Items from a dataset
######

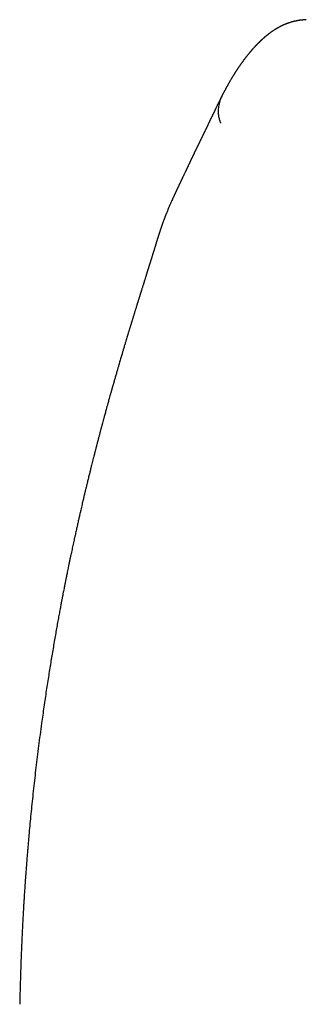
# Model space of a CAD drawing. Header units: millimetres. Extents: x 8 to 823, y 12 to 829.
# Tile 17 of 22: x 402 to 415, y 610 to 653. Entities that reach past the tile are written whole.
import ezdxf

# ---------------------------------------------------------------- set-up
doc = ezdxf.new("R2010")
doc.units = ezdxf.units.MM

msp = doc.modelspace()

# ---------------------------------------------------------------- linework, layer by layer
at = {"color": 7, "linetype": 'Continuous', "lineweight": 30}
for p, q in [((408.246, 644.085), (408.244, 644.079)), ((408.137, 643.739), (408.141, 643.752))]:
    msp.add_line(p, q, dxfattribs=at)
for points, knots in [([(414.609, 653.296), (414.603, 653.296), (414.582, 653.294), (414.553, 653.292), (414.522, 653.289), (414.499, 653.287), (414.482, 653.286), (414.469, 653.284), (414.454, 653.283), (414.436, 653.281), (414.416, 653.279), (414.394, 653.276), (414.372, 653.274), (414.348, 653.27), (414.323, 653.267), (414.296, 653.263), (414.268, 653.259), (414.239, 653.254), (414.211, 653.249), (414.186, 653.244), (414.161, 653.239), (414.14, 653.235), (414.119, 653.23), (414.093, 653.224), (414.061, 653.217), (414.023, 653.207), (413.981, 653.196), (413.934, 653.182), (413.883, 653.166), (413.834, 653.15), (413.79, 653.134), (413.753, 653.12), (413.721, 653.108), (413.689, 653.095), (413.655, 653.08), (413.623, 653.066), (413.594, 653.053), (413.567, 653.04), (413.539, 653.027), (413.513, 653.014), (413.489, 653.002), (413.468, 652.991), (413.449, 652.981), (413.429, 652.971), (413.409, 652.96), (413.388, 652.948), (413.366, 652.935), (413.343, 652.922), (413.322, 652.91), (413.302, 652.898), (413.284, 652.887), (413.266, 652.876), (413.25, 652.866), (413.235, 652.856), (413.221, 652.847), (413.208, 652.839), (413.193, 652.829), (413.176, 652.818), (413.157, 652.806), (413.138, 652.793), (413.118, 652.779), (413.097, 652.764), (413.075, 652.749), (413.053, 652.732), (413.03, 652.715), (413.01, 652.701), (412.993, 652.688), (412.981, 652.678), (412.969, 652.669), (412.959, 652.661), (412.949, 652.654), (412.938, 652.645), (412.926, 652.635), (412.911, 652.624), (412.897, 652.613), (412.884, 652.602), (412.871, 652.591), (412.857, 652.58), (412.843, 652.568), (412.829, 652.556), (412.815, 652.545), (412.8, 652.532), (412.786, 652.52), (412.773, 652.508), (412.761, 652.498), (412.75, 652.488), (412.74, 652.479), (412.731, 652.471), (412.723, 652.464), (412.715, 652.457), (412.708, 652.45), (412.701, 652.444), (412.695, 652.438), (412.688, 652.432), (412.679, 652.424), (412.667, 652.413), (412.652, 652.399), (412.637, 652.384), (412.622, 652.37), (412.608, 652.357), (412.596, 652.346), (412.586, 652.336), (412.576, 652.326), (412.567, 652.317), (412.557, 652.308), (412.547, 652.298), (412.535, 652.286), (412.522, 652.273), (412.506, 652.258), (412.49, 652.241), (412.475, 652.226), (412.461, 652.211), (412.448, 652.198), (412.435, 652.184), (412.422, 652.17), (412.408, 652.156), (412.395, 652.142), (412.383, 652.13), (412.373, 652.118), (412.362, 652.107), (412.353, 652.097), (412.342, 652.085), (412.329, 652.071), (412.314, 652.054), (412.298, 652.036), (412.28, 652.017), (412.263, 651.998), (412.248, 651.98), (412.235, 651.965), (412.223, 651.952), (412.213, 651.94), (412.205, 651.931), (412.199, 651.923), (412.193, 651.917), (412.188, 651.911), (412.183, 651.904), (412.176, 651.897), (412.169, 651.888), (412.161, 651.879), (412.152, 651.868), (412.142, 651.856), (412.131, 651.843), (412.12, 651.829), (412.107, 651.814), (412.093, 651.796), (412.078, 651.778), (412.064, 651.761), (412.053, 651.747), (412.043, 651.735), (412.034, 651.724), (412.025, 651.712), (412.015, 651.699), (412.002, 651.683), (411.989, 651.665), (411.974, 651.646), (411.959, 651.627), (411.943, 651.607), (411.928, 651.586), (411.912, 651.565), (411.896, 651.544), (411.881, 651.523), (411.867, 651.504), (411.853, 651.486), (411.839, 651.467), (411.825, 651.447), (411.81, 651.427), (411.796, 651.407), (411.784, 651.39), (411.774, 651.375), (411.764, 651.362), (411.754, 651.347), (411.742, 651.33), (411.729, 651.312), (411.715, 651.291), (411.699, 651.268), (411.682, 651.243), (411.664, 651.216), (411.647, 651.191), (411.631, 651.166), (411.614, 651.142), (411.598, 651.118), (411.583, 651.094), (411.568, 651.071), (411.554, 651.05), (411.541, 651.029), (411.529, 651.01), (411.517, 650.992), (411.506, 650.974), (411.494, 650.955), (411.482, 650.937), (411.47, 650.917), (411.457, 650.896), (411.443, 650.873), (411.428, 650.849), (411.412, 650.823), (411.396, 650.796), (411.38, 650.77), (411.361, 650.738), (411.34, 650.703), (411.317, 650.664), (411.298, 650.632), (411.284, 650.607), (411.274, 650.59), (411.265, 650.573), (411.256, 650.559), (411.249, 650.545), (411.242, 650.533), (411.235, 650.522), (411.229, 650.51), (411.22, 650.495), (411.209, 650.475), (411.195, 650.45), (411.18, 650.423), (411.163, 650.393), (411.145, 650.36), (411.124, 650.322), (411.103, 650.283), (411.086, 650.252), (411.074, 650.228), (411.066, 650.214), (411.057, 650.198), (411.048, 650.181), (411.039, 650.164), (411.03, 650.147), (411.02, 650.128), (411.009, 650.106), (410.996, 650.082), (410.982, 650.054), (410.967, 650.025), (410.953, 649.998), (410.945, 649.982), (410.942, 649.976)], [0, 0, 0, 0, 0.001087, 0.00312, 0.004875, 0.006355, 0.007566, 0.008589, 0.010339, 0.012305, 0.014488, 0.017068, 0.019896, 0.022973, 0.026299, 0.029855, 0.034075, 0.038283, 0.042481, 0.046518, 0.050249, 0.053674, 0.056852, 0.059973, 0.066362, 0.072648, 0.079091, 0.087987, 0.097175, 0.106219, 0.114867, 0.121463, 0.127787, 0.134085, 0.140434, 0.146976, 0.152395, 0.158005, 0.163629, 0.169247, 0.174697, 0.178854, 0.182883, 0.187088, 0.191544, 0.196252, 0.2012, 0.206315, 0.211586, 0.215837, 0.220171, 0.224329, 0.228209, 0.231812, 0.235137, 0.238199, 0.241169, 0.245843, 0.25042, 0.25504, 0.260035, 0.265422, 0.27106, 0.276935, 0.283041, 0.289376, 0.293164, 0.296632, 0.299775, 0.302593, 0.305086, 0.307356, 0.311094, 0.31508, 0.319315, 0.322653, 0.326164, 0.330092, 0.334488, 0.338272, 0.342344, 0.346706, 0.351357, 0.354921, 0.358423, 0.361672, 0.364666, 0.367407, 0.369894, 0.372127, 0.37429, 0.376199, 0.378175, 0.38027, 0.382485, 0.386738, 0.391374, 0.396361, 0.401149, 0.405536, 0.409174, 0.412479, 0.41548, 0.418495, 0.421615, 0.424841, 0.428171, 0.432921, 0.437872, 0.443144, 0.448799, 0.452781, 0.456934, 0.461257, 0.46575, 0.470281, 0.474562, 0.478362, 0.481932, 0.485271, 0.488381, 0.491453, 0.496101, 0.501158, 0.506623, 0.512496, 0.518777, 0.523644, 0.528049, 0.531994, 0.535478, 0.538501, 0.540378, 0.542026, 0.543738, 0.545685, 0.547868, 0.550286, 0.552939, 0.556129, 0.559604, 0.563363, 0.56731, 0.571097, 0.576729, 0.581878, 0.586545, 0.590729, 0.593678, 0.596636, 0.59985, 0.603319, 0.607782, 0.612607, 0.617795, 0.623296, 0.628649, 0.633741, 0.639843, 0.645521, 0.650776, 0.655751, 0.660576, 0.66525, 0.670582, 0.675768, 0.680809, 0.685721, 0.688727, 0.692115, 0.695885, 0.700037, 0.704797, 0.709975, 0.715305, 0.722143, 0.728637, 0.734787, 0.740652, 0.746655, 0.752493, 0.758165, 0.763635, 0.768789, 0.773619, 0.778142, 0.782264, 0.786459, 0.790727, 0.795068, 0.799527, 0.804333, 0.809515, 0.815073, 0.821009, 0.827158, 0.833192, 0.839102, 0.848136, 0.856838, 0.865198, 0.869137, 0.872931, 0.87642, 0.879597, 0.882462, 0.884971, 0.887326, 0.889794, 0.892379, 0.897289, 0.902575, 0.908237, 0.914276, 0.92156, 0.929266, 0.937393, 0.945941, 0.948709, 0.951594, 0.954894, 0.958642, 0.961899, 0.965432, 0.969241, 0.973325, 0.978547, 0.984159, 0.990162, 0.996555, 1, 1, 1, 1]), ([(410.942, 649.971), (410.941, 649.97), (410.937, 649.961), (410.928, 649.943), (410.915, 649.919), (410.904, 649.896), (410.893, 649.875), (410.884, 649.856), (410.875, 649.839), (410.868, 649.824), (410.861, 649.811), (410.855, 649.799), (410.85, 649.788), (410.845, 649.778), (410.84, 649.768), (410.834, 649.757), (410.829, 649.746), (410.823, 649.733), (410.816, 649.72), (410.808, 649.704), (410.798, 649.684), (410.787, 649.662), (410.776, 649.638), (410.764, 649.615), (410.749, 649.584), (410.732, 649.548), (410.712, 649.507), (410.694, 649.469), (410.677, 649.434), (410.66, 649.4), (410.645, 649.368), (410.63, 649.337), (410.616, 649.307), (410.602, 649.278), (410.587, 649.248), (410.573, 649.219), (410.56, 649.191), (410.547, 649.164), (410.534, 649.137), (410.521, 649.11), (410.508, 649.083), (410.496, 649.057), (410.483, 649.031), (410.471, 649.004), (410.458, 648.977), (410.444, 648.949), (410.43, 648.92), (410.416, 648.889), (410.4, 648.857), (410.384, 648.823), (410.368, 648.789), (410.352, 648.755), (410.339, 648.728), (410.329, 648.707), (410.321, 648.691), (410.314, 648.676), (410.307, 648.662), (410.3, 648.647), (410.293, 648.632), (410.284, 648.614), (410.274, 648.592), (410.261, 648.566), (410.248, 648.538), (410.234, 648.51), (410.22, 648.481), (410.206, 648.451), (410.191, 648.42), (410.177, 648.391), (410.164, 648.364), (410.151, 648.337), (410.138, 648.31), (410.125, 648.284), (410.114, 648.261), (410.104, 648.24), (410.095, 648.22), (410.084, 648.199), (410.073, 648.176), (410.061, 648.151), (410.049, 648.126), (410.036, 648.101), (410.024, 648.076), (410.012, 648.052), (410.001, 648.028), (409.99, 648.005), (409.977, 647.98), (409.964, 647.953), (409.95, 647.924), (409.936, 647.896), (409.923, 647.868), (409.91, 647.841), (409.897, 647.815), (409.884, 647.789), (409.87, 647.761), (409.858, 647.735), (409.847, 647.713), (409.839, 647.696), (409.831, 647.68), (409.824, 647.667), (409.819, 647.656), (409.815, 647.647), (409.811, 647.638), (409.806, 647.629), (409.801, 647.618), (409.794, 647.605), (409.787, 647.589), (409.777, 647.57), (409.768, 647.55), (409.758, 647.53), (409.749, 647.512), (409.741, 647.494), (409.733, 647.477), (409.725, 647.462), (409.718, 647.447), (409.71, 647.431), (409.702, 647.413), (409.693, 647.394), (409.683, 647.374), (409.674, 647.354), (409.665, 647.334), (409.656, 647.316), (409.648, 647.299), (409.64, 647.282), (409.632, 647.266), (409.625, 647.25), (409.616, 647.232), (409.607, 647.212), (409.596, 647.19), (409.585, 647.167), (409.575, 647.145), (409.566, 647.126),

######

Show every line in the records above that contains the word "units".

Completed exercise
# Model space of a CAD drawing. Header units: millimetres. Extents: x 8 to 823, y 12 to 829.
doc.units = ezdxf.units.MM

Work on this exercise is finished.